Data for analysis >>
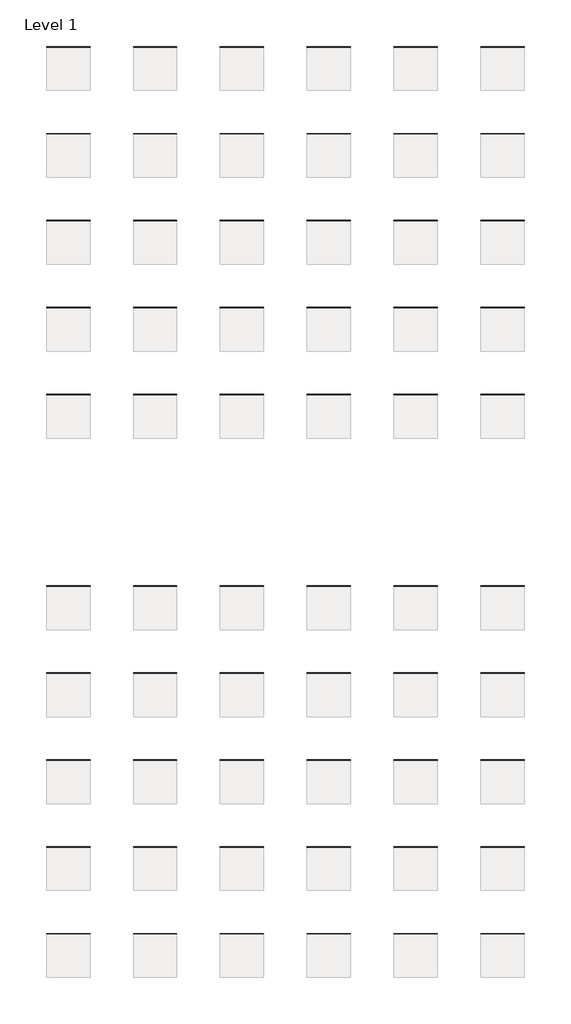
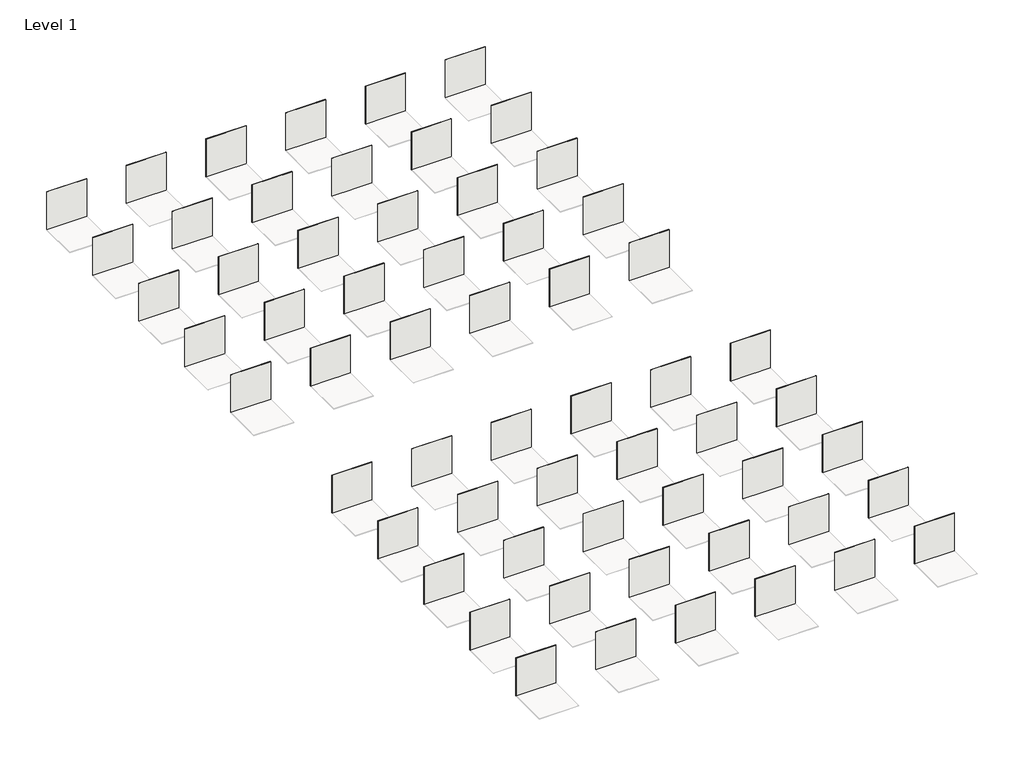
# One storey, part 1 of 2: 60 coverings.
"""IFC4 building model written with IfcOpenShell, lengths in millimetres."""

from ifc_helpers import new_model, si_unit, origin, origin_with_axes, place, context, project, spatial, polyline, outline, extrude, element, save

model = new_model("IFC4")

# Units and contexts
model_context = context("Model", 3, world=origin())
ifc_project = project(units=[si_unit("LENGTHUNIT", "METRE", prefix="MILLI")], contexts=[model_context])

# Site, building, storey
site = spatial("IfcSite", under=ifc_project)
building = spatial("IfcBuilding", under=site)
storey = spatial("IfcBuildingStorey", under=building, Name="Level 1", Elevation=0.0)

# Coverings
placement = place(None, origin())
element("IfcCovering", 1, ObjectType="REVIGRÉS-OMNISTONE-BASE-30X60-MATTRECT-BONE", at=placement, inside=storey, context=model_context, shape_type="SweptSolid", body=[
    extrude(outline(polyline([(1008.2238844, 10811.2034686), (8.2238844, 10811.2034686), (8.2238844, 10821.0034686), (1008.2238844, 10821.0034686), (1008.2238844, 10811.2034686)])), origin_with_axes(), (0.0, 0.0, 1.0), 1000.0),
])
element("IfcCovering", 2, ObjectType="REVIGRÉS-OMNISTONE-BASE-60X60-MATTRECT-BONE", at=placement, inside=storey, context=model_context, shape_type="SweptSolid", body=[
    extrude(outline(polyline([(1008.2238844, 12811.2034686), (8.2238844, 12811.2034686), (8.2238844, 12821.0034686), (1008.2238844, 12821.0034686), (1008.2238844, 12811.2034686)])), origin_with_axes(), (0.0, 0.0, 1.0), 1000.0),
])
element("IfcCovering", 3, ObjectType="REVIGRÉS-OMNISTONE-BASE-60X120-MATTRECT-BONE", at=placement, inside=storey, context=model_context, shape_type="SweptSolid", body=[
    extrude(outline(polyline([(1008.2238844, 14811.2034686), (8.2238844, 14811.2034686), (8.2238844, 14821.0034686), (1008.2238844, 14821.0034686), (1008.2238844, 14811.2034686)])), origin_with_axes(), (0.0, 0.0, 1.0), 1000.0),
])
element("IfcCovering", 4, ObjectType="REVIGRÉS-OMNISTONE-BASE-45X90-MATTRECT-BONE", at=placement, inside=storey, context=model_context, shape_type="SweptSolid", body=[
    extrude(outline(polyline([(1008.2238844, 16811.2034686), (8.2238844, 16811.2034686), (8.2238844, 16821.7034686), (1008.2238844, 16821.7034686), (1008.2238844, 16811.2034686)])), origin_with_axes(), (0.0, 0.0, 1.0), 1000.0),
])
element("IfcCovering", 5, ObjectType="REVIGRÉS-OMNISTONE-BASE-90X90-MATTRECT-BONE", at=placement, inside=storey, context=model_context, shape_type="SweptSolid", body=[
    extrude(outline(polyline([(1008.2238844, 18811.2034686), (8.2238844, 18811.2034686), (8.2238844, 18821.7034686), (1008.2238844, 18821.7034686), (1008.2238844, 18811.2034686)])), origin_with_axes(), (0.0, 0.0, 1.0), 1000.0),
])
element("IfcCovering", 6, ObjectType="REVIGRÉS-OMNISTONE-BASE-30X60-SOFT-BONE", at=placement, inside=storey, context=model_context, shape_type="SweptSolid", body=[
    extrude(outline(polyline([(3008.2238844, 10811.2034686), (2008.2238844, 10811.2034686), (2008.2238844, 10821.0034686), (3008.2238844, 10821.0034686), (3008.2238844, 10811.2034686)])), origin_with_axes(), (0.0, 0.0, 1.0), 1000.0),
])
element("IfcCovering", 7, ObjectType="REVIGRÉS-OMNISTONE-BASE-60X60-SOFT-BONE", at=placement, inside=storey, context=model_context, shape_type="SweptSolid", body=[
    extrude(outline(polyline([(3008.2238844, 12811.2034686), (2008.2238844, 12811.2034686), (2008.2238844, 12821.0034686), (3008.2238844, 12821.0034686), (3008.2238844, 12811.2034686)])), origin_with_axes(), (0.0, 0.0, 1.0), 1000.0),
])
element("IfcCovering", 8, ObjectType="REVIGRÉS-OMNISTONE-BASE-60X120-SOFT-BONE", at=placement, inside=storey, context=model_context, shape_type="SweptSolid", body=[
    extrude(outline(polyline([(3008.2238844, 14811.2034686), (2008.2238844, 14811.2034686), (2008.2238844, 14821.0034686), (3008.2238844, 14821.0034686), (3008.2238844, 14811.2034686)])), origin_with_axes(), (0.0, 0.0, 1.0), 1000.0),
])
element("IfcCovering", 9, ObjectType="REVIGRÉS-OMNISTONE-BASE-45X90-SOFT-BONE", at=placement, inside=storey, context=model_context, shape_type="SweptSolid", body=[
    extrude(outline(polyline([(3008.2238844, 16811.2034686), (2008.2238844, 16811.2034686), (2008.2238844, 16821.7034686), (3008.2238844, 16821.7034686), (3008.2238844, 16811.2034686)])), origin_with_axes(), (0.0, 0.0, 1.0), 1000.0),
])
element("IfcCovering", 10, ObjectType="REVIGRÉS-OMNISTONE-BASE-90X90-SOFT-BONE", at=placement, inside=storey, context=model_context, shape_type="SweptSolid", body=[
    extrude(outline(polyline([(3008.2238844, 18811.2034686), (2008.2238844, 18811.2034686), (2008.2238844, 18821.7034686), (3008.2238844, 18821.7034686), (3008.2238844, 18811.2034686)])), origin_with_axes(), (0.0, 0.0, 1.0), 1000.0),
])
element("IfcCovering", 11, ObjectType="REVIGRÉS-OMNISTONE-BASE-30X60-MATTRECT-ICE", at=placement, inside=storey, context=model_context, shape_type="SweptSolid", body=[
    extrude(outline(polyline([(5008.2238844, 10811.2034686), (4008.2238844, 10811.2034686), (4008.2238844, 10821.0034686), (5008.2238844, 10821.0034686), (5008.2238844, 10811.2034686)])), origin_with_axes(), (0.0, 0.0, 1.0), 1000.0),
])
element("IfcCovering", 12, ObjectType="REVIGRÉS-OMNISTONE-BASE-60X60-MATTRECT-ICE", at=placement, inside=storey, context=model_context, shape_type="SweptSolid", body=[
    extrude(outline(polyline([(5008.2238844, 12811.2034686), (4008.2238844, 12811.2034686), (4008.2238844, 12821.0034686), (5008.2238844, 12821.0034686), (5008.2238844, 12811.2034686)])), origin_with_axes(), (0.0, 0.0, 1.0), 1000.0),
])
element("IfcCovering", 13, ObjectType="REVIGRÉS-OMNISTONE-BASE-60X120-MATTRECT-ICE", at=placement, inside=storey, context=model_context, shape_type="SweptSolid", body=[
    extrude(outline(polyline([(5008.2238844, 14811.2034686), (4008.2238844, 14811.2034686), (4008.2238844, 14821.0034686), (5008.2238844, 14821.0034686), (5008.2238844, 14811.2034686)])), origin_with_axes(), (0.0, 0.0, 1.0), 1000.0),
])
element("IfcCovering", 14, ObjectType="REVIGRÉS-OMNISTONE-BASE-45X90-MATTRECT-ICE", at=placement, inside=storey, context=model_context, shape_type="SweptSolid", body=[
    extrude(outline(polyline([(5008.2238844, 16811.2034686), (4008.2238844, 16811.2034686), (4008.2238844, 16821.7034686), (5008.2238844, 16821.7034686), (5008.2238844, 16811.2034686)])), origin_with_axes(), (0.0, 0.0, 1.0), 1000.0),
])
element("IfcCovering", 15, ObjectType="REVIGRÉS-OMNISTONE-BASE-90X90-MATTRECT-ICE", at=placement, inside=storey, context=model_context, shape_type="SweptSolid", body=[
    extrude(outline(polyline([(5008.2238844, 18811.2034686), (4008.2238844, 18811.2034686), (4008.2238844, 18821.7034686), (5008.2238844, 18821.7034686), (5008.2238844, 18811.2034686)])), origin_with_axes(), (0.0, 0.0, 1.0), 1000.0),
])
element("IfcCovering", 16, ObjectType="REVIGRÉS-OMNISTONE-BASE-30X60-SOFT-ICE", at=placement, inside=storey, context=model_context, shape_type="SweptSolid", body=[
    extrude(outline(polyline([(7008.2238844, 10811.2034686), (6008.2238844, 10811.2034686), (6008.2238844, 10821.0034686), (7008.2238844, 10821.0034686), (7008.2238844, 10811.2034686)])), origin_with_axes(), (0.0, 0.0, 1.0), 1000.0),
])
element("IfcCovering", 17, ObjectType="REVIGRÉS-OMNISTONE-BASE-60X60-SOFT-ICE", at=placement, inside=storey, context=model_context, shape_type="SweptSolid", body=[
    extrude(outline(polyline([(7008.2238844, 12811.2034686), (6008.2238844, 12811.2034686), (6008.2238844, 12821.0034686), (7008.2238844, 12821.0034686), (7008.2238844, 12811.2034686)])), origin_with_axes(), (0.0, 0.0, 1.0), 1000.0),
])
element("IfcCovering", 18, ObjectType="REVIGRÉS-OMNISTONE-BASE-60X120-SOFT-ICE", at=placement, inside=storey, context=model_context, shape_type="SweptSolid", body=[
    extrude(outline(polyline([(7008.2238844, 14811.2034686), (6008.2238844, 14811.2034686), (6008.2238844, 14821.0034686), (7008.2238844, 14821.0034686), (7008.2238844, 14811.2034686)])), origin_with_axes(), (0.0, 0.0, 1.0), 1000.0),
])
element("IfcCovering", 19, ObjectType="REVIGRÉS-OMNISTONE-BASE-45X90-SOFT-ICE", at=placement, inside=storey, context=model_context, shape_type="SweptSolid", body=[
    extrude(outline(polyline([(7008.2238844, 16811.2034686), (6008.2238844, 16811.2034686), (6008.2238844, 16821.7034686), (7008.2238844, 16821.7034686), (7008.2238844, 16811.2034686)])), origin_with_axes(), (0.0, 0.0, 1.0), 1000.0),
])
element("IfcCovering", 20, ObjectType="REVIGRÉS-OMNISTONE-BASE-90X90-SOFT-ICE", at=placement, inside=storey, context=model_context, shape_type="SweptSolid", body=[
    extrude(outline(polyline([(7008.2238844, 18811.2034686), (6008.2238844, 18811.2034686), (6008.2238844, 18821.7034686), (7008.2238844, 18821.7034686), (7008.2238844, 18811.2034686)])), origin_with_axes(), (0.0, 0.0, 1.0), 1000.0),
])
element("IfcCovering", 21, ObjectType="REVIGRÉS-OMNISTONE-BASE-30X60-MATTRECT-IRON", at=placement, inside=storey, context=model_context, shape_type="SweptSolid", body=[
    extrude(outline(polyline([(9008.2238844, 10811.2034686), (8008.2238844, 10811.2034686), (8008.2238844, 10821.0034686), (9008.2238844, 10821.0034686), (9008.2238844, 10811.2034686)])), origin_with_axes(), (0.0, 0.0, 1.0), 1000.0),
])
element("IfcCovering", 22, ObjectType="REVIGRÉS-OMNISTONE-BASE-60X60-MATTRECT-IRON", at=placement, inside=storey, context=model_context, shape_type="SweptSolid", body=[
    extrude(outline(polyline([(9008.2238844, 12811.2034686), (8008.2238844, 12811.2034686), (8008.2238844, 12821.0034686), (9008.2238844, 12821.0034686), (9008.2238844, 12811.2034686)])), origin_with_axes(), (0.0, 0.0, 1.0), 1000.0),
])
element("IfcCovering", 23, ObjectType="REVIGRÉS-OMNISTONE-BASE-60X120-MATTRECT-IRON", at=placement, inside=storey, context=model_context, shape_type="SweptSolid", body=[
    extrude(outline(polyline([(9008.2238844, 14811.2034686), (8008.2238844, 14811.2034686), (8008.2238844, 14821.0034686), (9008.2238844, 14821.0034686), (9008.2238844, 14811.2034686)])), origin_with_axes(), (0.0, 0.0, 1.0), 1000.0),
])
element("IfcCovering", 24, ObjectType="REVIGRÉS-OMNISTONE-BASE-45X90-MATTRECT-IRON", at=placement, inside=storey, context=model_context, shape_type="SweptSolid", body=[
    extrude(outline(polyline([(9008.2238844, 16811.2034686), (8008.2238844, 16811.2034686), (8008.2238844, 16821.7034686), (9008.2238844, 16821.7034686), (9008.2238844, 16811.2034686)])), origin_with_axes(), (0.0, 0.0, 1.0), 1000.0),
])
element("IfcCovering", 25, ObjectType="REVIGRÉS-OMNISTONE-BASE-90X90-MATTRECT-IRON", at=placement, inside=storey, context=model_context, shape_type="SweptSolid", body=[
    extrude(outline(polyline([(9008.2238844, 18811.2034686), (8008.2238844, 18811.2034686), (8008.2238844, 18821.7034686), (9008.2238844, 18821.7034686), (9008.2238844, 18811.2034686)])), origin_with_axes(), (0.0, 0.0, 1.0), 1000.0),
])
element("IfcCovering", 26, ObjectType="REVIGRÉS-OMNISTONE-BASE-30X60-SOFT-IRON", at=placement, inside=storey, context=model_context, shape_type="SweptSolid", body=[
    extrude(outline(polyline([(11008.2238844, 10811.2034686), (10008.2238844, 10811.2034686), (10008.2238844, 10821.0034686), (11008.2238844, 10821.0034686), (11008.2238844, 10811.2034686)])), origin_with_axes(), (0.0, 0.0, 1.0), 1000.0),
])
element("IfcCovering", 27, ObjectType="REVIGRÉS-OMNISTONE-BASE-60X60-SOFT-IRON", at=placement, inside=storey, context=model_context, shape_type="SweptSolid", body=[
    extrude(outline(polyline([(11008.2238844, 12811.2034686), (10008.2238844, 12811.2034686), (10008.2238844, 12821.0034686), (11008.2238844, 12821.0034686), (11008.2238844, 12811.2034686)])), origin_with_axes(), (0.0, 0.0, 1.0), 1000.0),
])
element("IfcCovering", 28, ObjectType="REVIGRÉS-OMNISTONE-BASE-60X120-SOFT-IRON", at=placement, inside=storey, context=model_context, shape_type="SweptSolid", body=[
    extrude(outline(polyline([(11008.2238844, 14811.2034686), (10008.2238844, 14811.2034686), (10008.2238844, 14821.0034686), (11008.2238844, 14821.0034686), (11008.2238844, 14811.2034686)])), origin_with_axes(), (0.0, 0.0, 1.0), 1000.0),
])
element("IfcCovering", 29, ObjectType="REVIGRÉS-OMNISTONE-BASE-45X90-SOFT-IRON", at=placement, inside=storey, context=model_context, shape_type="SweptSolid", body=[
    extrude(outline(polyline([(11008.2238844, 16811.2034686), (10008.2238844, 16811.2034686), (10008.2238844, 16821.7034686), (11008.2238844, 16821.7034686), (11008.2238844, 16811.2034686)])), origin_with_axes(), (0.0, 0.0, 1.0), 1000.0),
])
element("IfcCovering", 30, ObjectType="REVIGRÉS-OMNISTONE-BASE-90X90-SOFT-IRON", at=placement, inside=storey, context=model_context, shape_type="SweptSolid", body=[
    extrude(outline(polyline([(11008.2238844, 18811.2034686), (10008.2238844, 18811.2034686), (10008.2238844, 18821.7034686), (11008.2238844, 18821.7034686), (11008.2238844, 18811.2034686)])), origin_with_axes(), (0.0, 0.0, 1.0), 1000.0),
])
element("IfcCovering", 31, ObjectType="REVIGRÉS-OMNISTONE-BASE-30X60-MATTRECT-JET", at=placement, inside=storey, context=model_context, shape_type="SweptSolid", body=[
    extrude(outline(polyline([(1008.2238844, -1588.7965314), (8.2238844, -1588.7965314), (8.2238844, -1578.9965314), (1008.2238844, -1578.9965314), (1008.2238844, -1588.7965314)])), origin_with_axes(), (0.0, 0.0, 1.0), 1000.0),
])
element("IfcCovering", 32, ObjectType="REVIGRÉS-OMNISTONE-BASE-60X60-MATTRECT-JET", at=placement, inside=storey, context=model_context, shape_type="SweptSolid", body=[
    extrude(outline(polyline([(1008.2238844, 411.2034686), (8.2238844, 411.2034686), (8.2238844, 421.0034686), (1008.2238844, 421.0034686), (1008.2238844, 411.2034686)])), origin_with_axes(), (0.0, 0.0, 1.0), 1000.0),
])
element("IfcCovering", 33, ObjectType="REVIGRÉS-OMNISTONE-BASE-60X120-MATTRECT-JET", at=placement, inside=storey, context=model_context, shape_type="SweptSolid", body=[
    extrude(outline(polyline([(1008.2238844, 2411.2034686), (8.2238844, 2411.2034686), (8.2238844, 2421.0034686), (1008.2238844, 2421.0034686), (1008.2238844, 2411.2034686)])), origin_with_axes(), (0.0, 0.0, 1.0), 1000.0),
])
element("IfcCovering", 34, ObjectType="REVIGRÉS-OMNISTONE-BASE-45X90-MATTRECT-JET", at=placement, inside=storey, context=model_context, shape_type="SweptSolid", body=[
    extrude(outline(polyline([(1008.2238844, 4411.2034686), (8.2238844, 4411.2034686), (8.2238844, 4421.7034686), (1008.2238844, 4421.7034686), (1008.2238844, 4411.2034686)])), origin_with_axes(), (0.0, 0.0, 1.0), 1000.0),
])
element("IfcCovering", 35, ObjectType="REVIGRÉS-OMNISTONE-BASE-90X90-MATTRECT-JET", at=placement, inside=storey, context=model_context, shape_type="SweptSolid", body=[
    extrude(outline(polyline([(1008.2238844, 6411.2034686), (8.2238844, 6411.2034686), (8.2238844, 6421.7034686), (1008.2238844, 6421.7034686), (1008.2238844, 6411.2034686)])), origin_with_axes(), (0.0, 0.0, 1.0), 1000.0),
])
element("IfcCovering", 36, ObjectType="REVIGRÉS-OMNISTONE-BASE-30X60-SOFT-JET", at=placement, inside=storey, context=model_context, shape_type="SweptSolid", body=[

Work to complete >> Return each line in the records that holds the string "building".

Exercise result >>
"""IFC4 building model written with IfcOpenShell, lengths in millimetres."""
# Site, building, storey
building = spatial("IfcBuilding", under=site)
storey = spatial("IfcBuildingStorey", under=building, Name="Level 1", Elevation=0.0)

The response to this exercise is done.